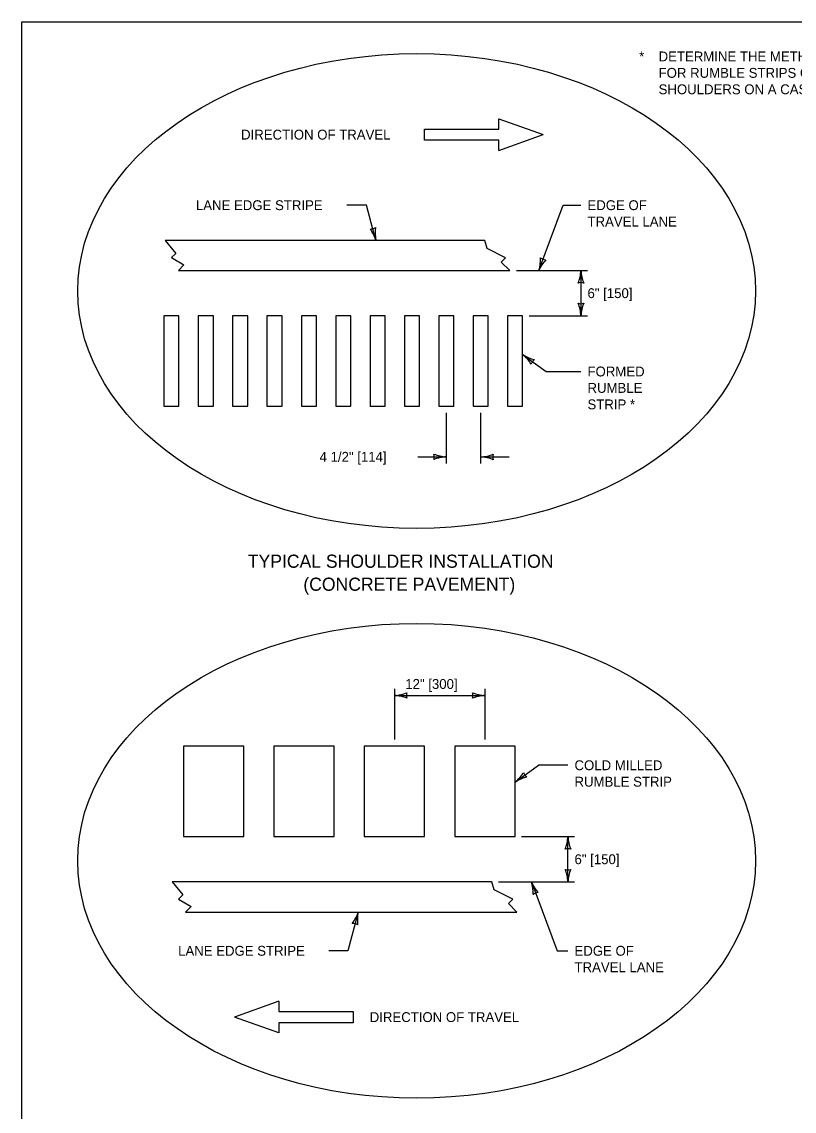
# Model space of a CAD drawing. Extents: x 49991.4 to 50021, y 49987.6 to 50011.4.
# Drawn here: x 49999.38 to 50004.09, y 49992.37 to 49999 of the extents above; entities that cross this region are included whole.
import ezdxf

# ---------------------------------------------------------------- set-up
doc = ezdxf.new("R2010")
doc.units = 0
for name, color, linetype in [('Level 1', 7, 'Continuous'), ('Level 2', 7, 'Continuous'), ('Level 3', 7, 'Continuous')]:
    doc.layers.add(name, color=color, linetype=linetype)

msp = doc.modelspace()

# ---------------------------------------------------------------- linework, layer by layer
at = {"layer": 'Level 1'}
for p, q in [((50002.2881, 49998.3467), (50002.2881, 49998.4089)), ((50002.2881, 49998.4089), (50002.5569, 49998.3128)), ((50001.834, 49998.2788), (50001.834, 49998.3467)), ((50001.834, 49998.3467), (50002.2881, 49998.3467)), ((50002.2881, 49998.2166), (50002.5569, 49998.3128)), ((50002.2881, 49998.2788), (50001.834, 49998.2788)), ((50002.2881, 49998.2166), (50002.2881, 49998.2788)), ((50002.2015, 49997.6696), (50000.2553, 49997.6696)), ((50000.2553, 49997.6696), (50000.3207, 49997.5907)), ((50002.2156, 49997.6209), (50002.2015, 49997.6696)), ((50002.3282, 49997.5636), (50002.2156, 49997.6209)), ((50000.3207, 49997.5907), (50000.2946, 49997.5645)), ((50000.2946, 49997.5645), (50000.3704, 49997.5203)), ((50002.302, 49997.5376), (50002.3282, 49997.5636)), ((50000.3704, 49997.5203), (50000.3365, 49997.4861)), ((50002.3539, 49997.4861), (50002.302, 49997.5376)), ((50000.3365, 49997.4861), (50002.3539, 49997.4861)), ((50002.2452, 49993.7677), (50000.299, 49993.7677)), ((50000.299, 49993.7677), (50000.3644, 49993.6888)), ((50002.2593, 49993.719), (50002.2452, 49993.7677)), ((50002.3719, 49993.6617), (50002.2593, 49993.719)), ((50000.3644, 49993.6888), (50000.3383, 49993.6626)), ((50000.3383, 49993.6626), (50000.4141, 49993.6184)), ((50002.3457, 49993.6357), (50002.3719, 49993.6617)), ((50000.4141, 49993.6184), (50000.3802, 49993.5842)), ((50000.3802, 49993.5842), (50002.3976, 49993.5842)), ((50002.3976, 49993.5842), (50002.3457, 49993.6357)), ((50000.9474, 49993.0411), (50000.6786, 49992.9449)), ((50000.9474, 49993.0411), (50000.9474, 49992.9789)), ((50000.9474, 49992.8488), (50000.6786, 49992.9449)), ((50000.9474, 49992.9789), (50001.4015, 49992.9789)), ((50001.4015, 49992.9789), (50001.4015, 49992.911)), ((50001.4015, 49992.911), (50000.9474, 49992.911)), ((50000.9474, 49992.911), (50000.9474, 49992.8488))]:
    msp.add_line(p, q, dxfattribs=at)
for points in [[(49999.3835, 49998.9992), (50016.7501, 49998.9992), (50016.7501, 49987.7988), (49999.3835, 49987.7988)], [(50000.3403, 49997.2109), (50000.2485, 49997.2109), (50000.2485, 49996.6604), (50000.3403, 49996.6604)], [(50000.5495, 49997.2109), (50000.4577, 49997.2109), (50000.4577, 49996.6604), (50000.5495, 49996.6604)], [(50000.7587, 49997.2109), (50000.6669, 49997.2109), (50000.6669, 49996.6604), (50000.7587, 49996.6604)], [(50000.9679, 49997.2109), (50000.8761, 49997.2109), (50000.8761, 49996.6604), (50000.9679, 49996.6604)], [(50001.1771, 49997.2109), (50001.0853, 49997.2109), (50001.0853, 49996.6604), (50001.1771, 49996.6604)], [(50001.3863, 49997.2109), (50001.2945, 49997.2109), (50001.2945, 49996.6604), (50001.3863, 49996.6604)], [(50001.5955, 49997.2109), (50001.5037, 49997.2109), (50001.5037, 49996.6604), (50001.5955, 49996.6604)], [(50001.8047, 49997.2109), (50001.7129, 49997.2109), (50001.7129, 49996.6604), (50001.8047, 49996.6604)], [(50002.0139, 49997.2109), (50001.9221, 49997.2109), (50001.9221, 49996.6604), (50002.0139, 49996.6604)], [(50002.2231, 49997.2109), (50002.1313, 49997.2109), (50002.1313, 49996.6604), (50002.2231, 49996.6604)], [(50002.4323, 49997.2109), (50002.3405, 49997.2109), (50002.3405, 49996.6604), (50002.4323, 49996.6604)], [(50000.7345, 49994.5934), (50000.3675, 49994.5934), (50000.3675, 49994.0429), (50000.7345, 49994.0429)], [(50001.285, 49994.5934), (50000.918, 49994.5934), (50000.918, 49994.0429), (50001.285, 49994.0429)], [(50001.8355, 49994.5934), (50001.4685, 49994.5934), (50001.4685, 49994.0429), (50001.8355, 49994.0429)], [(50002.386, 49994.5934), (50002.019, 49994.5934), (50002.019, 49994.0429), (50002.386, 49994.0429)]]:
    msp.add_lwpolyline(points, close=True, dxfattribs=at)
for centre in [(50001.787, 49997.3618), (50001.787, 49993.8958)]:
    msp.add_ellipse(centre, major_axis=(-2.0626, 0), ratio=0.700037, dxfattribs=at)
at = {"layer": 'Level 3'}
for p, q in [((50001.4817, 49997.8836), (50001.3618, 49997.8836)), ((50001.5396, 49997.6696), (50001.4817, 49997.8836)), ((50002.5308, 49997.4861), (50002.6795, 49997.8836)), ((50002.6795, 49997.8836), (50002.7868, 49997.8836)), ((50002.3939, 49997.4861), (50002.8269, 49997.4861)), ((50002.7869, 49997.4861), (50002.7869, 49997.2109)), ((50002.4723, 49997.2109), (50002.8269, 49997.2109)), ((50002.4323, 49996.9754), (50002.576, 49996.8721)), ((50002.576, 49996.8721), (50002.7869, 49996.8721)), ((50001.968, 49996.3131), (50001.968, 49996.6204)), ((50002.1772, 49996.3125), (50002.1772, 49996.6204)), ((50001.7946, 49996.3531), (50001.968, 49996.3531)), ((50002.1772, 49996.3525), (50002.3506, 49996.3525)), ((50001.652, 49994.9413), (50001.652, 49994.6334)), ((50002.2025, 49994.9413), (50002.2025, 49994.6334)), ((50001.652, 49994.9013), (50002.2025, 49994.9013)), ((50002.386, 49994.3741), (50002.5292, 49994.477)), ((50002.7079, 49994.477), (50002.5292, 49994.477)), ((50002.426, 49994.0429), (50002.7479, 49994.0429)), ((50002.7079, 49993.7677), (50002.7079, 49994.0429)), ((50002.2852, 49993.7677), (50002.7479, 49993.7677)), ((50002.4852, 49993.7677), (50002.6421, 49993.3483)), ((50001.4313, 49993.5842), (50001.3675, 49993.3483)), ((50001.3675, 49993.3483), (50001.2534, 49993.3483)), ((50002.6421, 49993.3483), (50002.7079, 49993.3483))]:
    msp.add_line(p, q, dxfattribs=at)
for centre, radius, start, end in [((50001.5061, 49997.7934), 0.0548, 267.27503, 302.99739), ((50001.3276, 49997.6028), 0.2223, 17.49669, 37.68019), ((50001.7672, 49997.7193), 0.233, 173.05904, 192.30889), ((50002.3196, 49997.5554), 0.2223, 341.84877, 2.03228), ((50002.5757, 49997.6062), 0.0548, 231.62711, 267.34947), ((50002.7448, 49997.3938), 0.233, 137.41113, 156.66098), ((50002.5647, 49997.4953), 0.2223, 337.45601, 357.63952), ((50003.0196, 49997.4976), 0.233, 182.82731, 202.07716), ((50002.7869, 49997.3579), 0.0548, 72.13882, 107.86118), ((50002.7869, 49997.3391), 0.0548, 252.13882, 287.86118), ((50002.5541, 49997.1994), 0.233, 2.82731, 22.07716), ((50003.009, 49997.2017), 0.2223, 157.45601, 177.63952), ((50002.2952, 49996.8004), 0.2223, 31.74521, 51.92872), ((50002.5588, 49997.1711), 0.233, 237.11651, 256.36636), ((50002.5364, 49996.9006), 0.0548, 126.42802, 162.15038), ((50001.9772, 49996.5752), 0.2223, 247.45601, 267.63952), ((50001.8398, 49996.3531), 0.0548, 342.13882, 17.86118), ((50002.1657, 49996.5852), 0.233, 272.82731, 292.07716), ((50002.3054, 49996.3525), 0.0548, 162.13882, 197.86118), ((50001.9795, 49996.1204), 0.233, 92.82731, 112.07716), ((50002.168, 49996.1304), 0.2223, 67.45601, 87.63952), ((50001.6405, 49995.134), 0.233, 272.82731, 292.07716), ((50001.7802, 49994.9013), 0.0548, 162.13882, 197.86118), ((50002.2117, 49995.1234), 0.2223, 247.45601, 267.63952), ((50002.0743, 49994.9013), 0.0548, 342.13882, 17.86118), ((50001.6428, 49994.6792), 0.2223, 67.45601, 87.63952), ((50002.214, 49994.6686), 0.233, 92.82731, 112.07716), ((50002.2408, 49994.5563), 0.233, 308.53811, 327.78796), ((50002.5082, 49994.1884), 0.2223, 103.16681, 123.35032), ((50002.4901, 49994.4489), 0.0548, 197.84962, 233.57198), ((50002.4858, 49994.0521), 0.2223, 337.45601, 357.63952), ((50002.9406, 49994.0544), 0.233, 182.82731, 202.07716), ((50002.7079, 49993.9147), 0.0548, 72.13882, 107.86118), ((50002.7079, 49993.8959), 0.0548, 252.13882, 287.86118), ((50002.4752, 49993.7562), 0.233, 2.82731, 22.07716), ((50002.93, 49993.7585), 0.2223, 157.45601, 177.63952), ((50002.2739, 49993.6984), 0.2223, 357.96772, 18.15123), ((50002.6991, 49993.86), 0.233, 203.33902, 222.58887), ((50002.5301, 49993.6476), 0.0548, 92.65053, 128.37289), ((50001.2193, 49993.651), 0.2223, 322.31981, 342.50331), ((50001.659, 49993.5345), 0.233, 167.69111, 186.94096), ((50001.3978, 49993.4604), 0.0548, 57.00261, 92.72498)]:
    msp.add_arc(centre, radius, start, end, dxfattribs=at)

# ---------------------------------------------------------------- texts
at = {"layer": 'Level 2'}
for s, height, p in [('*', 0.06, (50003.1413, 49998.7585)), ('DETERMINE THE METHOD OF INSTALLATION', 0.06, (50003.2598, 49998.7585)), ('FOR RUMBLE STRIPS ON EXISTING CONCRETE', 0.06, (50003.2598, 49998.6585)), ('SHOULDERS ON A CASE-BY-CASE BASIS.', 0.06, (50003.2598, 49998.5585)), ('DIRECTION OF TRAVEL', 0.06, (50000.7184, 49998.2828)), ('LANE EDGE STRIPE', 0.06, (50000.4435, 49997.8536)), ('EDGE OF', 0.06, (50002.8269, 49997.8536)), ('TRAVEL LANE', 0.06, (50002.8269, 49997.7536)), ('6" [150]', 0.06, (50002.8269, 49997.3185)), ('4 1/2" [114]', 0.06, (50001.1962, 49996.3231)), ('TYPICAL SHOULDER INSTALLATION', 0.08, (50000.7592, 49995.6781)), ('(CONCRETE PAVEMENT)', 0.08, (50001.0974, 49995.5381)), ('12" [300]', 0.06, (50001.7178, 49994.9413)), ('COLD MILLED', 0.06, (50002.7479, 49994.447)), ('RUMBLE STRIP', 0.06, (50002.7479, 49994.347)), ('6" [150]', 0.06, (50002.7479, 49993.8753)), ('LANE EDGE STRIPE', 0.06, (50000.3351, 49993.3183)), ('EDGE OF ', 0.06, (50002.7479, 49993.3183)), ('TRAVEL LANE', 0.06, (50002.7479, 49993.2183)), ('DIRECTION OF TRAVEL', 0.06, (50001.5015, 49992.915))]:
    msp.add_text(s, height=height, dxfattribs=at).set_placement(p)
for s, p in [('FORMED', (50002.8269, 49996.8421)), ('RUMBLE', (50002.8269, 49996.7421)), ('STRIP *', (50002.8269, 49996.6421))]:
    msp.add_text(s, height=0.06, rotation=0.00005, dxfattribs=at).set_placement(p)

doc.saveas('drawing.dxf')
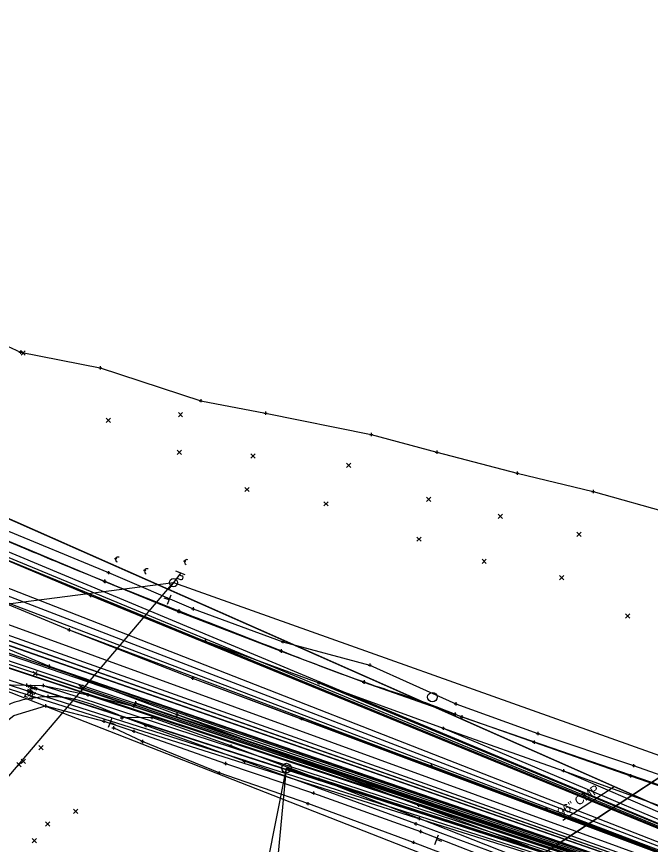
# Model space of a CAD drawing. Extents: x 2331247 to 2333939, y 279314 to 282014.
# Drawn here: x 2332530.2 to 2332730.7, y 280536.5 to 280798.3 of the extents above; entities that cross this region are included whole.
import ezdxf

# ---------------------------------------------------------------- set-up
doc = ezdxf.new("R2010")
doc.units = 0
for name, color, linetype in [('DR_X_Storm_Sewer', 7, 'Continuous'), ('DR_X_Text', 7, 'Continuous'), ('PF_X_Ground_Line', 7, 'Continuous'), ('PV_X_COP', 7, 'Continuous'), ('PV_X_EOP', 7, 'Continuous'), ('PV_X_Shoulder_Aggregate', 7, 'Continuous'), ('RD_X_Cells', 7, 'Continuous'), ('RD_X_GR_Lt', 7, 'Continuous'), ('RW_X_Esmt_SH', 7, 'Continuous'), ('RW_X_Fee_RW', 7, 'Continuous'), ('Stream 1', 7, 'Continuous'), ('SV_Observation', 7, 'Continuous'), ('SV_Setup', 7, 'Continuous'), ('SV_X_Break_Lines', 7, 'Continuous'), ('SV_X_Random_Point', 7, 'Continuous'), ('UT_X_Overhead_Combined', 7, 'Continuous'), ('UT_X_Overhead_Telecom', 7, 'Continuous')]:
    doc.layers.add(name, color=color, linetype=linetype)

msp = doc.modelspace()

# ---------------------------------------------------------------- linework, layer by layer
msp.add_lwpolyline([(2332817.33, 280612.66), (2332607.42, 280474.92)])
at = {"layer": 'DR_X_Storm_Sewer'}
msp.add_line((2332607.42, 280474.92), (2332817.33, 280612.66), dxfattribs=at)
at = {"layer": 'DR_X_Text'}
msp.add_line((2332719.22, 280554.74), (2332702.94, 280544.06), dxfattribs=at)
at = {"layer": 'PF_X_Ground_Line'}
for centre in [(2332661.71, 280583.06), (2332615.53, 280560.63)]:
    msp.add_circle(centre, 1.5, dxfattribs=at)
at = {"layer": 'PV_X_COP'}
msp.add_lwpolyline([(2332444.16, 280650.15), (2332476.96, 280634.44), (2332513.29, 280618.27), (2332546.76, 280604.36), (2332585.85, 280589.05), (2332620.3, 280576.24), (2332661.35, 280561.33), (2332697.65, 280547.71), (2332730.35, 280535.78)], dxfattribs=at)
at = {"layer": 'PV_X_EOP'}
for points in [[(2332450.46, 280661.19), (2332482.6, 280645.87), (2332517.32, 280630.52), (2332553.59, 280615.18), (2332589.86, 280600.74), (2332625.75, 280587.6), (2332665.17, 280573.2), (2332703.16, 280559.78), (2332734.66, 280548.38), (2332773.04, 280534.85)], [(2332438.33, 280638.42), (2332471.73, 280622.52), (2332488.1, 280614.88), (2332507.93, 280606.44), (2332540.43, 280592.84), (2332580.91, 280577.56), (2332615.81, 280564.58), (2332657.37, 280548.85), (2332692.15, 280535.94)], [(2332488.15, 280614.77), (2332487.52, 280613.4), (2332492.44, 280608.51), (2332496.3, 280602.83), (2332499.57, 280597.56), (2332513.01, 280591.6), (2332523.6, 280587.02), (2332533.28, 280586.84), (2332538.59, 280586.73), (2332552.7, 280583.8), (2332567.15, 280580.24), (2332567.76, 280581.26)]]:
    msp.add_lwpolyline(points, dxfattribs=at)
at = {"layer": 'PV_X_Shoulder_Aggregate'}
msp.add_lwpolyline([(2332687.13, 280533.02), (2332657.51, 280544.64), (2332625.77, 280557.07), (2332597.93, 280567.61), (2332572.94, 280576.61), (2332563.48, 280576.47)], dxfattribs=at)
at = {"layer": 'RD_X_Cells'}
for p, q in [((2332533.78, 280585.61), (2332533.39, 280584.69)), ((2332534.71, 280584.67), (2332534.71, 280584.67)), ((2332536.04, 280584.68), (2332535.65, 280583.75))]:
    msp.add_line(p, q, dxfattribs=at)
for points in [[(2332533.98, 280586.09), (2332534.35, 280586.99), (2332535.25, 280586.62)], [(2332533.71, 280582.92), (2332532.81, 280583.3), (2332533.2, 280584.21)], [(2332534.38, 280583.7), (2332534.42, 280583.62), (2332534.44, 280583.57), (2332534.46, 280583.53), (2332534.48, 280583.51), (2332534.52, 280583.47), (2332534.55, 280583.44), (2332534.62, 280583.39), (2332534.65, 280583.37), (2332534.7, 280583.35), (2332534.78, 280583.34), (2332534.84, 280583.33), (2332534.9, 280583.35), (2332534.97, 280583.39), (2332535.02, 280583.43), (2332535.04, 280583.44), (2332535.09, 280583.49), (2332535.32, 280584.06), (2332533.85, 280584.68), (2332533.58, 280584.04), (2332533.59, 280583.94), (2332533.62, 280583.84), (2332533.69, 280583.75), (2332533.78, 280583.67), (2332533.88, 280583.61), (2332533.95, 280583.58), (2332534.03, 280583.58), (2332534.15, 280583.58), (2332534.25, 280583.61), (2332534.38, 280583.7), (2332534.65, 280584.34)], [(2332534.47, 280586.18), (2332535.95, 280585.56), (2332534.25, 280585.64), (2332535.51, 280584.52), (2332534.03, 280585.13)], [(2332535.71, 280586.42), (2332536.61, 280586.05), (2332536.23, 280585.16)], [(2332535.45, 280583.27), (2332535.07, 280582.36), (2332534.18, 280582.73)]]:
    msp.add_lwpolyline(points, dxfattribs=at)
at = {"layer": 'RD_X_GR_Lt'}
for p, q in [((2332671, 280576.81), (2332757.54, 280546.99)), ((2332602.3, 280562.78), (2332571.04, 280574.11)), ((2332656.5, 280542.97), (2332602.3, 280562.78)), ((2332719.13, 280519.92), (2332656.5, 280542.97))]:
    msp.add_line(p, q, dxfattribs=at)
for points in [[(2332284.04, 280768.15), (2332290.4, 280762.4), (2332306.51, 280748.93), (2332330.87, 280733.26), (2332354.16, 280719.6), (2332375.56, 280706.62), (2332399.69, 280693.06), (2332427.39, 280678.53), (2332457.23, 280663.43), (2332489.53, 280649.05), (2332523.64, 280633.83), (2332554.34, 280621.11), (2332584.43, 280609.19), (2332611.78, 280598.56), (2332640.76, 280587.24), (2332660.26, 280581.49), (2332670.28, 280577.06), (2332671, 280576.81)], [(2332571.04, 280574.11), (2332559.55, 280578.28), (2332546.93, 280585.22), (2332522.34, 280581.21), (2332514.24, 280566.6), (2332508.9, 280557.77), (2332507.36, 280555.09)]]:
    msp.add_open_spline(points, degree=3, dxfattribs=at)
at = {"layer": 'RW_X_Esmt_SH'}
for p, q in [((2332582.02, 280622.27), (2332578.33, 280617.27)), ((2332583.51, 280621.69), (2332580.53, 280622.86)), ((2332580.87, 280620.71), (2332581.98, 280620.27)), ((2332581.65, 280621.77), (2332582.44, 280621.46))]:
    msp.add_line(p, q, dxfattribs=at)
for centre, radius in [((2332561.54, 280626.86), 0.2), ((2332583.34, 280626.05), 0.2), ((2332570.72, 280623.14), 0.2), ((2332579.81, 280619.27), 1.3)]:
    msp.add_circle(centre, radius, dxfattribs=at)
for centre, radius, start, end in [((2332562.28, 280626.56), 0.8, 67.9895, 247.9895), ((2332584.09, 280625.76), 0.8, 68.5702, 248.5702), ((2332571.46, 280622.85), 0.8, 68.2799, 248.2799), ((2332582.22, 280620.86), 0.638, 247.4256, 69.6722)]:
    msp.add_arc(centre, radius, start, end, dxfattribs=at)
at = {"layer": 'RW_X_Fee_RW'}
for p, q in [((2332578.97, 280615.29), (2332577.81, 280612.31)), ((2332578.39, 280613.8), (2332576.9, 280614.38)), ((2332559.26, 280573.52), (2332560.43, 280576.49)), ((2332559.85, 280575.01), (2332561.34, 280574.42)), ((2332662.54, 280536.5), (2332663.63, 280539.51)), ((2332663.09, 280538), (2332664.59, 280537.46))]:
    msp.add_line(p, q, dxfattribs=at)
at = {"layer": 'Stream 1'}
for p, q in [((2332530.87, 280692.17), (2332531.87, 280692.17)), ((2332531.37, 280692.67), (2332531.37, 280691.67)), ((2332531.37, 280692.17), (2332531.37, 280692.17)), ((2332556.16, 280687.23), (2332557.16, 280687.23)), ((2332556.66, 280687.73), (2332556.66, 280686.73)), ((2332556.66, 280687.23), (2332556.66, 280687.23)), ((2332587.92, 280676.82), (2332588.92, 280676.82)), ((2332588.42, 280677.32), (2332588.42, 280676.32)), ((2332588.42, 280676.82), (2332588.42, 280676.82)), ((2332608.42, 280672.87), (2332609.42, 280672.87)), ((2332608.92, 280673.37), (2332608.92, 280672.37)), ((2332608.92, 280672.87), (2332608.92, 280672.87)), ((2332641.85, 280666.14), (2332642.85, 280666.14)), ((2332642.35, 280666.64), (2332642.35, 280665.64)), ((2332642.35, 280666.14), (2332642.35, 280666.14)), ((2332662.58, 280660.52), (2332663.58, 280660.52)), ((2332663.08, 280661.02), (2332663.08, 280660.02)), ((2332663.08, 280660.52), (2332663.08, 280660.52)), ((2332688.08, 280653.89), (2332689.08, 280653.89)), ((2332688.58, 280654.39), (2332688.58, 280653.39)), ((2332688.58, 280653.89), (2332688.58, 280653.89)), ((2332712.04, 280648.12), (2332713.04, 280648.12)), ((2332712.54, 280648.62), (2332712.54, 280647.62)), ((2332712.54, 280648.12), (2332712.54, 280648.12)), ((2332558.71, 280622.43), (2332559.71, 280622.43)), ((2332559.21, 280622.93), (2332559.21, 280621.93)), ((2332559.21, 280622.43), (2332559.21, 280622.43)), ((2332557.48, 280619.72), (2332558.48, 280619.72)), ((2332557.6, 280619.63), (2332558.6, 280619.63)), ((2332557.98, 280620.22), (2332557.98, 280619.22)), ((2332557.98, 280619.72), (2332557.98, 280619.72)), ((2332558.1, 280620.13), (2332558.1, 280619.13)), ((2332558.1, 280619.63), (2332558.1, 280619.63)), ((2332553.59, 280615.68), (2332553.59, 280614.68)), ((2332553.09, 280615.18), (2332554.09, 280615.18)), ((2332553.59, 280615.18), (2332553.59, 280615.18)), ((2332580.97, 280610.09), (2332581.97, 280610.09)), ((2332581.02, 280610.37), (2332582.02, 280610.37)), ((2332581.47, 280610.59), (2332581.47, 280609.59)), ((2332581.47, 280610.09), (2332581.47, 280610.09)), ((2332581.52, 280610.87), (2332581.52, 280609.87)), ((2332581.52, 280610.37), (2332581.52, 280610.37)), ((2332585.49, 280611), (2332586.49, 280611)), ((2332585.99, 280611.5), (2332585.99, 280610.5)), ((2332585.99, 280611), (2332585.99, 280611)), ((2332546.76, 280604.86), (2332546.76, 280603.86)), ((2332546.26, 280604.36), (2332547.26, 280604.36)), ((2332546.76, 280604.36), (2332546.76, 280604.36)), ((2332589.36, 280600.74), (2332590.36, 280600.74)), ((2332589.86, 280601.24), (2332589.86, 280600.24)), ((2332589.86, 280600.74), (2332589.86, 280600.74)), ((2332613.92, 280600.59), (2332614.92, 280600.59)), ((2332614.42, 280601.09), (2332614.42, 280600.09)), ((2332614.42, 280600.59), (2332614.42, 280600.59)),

::::::

What to produce »
Lines holding the string "whole" are the answer; copy each one from the listing above.

Answer box »
# Drawn here: x 49999.38 to 50004.09, y 49992.37 to 49999 of the extents above; entities that cross this region are included whole.
# Drawn here: x 2332530.2 to 2332730.7, y 280536.5 to 280798.3 of the extents above; entities that cross this region are included whole.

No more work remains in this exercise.